季浅凝缓了很久才消化掉张涛这段话的意思,她难以置信:“您是说,爆破单独拍,不需要把我们和炸.药放在房间里……是这个意思吗?”
张涛点头:“就是这个意思。所以,你有什么建议?”
季浅凝喉咙艰难地滚动,哑声:“没有。”
她不用拍爆破戏了?
她不会再被烧了,对吗?
季浅凝欣喜如狂,快乐得想转圈。身体刚动一下,对上一双深潭一样的眼眸,她心里咯噔一跳。
莫菡怎么站在她右手边?
那刚才掐她的是……?
导演用十分钟讲完戏,让演员做好准备,去木屋查看片场布置情况。
所有人都散开后,季浅凝走到莫菡面前,开门见山地问:“是你掐我?”
“嗯。”莫菡表情淡淡,两只眼睛却直勾勾盯着她,好像她脸上有什么脏东西一样。
季浅凝又气又诧异:“你掐我干嘛?”
莫菡蹙眉说:“导演在讲戏,你没有认真听,这像什么话。

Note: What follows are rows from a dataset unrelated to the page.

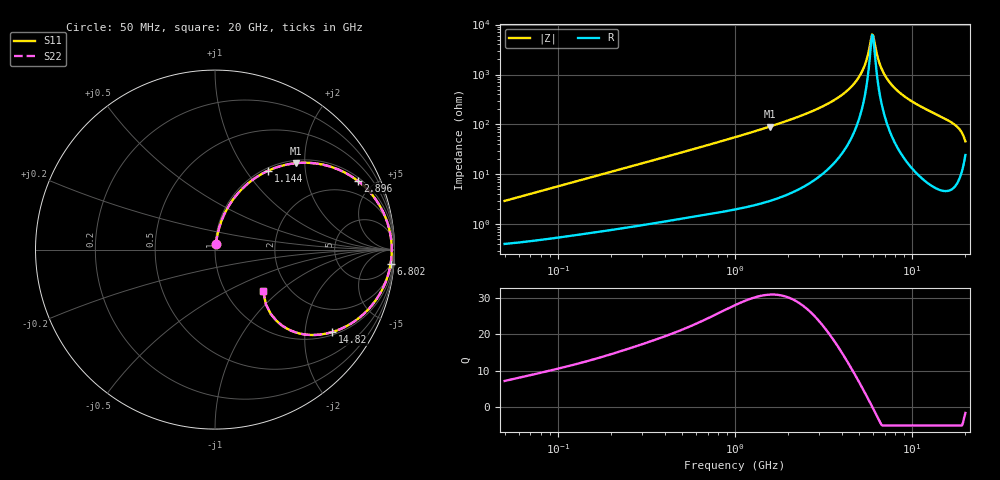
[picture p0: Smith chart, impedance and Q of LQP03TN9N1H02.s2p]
!Murata Part Number: LQP03TN9N1H02
!These Parameters are Measured in Series Mode Connection
!  o--[Z]--o
!Port1  Port2
!  o-------o
!Freq. Start=50[MHz] Stop=20[GHz], 401[Steps]
# Hz S RI R 50
!Freq.(Hz) S11(Real) S11(Imag) S21(Real) S21(Imag) S12(Real) S12(Imag) S22(Real) S22(Imag)
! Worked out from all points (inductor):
!   401 points, 50 MHz to 20 GHz, reference 50 ohm
!   read as one part in series: L = 9.24 nH near 51.52 MHz
!   highest Q = 30.8 at 1.567 GHz (marker M1), where L = 9.18 nH
!   self-resonance near 5.944 GHz
!   S11 on the Smith chart (normalised r, x): 50 MHz: 1.01, +0.06; 1.144 GHz: 1.04, +1.28; 2.896 GHz: 1.17, +4.05; 6.802 GHz: 5, -24; 14.82 GHz: 1.09, -2.78; 20 GHz: 1.49, -0.78
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5e7  0.00489 0.029  0.9951 -0.029  0.9951 -0.029  0.00489 0.029
1.364002e8  0.0121 0.076  0.9879 -0.076  0.9879 -0.076  0.0121 0.076
3.721004e8  0.0502 0.1934  0.9498 -0.1934  0.9498 -0.1934  0.0502 0.1934
1e9  0.2437 0.4118  0.7563 -0.4118  0.7563 -0.4118  0.2437 0.4118
1.144317e9  0.2972 0.4402  0.7028 -0.4402  0.7028 -0.4402  0.2972 0.4402
1.567309e9  0.4516 0.4817  0.5484 -0.4817  0.5484 -0.4817  0.4516 0.4817
2.728004e9  0.7642 0.4054  0.2358 -0.4054  0.2358 -0.4054  0.7642 0.4054
2.896447e9  0.7944 0.3841  0.2056 -0.3841  0.2056 -0.3841  0.7944 0.3841
3.850025e9  0.9117 0.2547  0.0883 -0.2547  0.0883 -0.2547  0.9117 0.2547
4.748272e9  0.9643 0.1381  0.0357 -0.1381  0.0357 -0.1381  0.9643 0.1381
5.352748e9  0.9799 0.0669  0.0201 -0.0669  0.0201 -0.0669  0.9799 0.0669
5.856089e9  0.9846 0.0123  0.0154 -0.0123  0.0154 -0.0123  0.9846 0.0123
5.944466e9  0.9848 0.00311  0.0152 -0.00311  0.0152 -0.00311  0.9848 0.00311
6.125241e9  0.9846 -0.0152  0.0154 0.0152  0.0154 0.0152  0.9846 -0.0152
6.503449e9  0.9822 -0.0518  0.0178 0.0518  0.0178 0.0518  0.9822 -0.0518
6.802353e9  0.9786 -0.0793  0.0214 0.0793  0.0214 0.0793  0.9786 -0.0793
7.442007e9  0.9666 -0.1336  0.0334 0.1336  0.0334 0.1336  0.9666 -0.1336
9.745021e9  0.892 -0.2873  0.108 0.2873  0.108 0.2873  0.892 -0.2873
1.482269e10  0.6537 -0.4591  0.3463 0.4591  0.3463 0.4591  0.6537 -0.4591
1.800918e10  0.4488 -0.4611  0.5512 0.4611  0.5512 0.4611  0.4488 -0.4611
1.88369e10  0.3713 -0.4216  0.6287 0.4216  0.6287 0.4216  0.3713 -0.4216
2e10  0.2685 -0.2286  0.7315 0.2286  0.7315 0.2286  0.2685 -0.2286

”
“……”季浅凝语塞。
“很疼吗?”过了一会儿莫菡问。
季浅凝呛声:“我掐你一下试试?”
提醒就提醒,掐人干嘛?隔着几层衣服还能掐到她的肉,害她出丑……这绝对是打击报复!
可是报复什么呢?季浅凝一时半会儿又想不通。
莫菡看她一脸不开心,怪自己没控制好力道,声音软下来:“让我看看?”
季浅凝二话不说撸起袖子,撸到一半,被寒风一吹,鸡皮疙瘩起来,她整个人清醒了,忙把袖子放下。
“或者,我给你揉揉?”莫菡换了个说辞。
先给巴掌再给颗糖,哄小孩呢?
“不用!”季浅凝气呼呼地走了。